- [EXERCISE INSTRUCTIONS] Output every record word for word, minus the pictures.

- [DATA SHOWN]
---*---

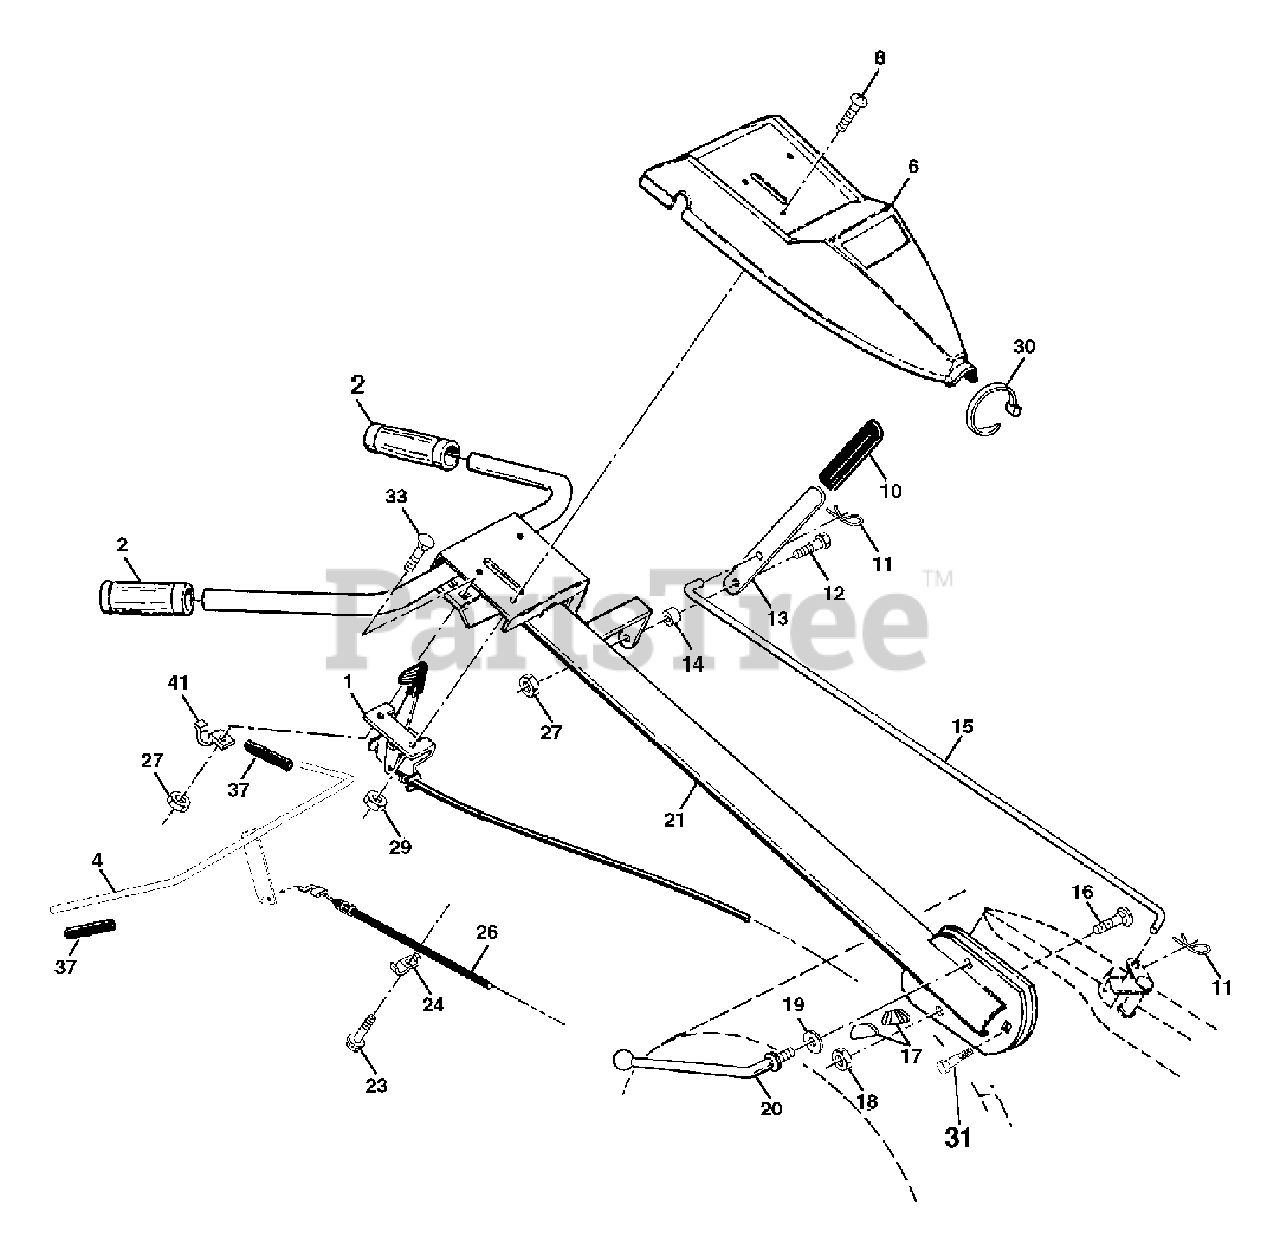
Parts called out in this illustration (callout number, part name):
1	Control, Throttle
2	Grip, Handle
4	Bar Assembly, Control
6	Panel, Control
8	Screw, Phd. #10-24
10	Grip, Handle
11	Clip, Hairpin
12	Bolt, Shoulder
13	Handle, Shift
14	Grommet, Rubber
15	Rod, Shift
16	Bolt, Carriage 3/8-16 x 1 Gr. 5
17	Lock, Handle
18	Nut, Crownlock 3/8-16 Unc
19	Washer 13/32 x 1 x 11 Ga.
20	Lever, Lock, Handle
21	Handle
23	Screw, Hex Washer Hd. Slotted #10-24 x 1/2
24	Clip
26	Cable, Clutch
27	Nut Hex Flange 1/4-20 Unc
29	Nut, Keps #10-24 UNC
30	Tie, Cable
31	Bolt, Pivot
33	Bolt, Carriage 1/4-20 UNC x 1/2
37	Grip, Bar, Control
41	Clamp,Bar, Control
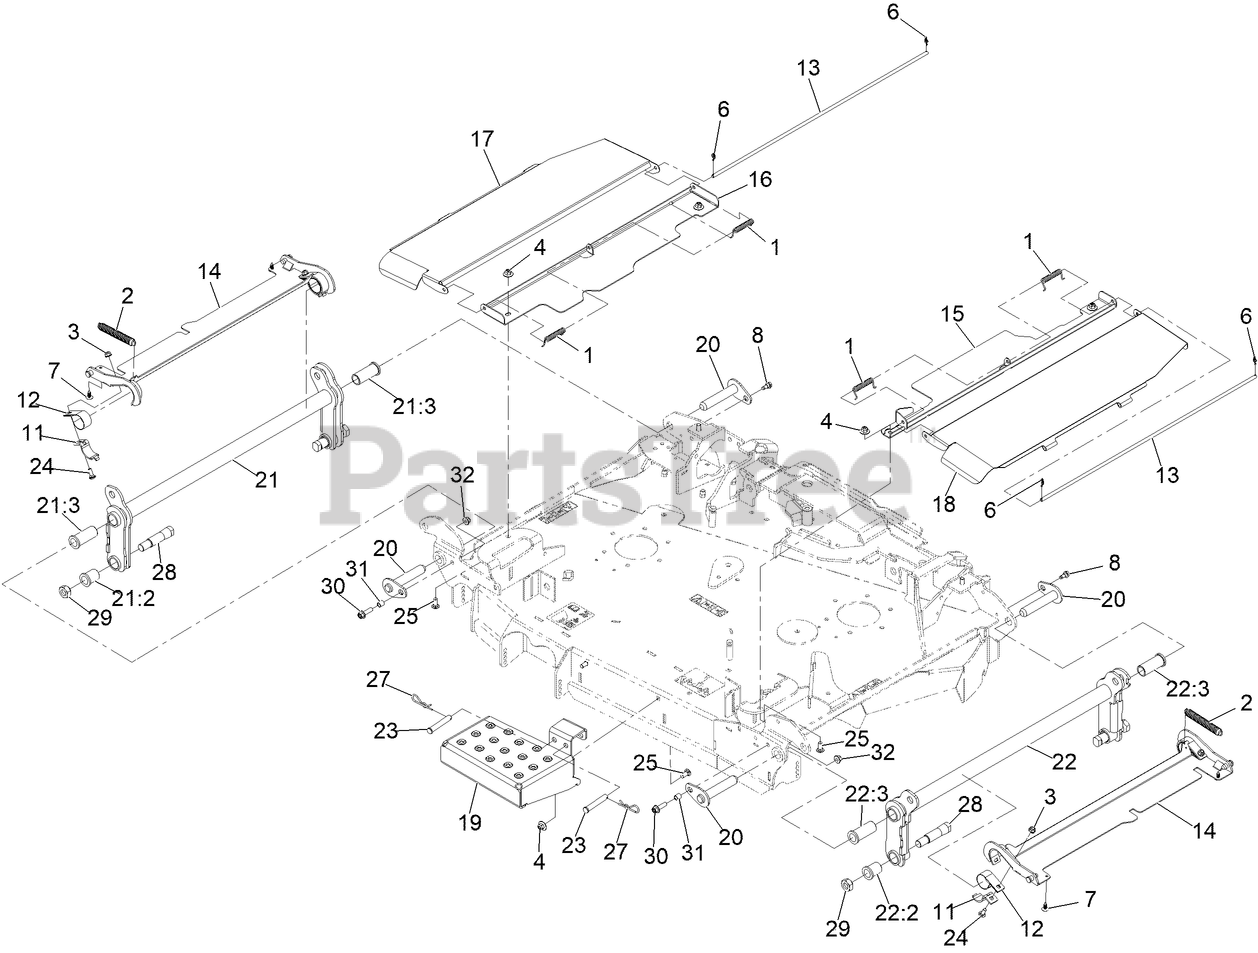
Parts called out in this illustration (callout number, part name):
1	SPRING-TORSION
3	NUT-HF, NI
4	Nut-Nyloc 3/8-16 Flg
6	PIN-COTTER, LOCKING
7	PLUG-PLASTIC
8	SCREW-SHOULDER
11	PLATE-RETAINER, BEARING
12	BEARING-STRAP, NYLON
13	COVER-ROD, PIVOT
14	COVER-WING
15	SHIELD-CENTER, LH
16	SHIELD-CENTER, RH
17	Panel-Shield Hinge, LH
18	Shield-Center, RH
19	Plate-Step
20	ASM-DECK PIN
21	ASM-RH FOLD ARM
21:2	BUSHING-FLANGED
21:3	BUSHING-FLANGED
22	ASM-LH FOLD ARM
22:2	BUSHING-FLANGED
22:3	BUSHING-FLANGED
23	PIN-CLEVIS
24	SCREW-CARR
25	BOLT-CARR
27	PIN-HAIR
28	BOLT-PIVOT PIN
29	NUT-LUG
30	SCREW, HHF
31	SPACER-TUBE, PUMP LINK
32	NUT-HF, NI

---*---

- [ANSWER TO THIS PROBLEM]
Parts called out in this illustration (callout number, part name):
1	Control, Throttle
2	Grip, Handle
4	Bar Assembly, Control
6	Panel, Control
8	Screw, Phd. #10-24
10	Grip, Handle
11	Clip, Hairpin
12	Bolt, Shoulder
13	Handle, Shift
14	Grommet, Rubber
15	Rod, Shift
16	Bolt, Carriage 3/8-16 x 1 Gr. 5
17	Lock, Handle
18	Nut, Crownlock 3/8-16 Unc
19	Washer 13/32 x 1 x 11 Ga.
20	Lever, Lock, Handle
21	Handle
23	Screw, Hex Washer Hd. Slotted #10-24 x 1/2
24	Clip
26	Cable, Clutch
27	Nut Hex Flange 1/4-20 Unc
29	Nut, Keps #10-24 UNC
30	Tie, Cable
31	Bolt, Pivot
33	Bolt, Carriage 1/4-20 UNC x 1/2
37	Grip, Bar, Control
41	Clamp,Bar, Control
Parts called out in this illustration (callout number, part name):
1	SPRING-TORSION
3	NUT-HF, NI
4	Nut-Nyloc 3/8-16 Flg
6	PIN-COTTER, LOCKING
7	PLUG-PLASTIC
8	SCREW-SHOULDER
11	PLATE-RETAINER, BEARING
12	BEARING-STRAP, NYLON
13	COVER-ROD, PIVOT
14	COVER-WING
15	SHIELD-CENTER, LH
16	SHIELD-CENTER, RH
17	Panel-Shield Hinge, LH
18	Shield-Center, RH
19	Plate-Step
20	ASM-DECK PIN
21	ASM-RH FOLD ARM
21:2	BUSHING-FLANGED
21:3	BUSHING-FLANGED
22	ASM-LH FOLD ARM
22:2	BUSHING-FLANGED
22:3	BUSHING-FLANGED
23	PIN-CLEVIS
24	SCREW-CARR
25	BOLT-CARR
27	PIN-HAIR
28	BOLT-PIVOT PIN
29	NUT-LUG
30	SCREW, HHF
31	SPACER-TUBE, PUMP LINK
32	NUT-HF, NI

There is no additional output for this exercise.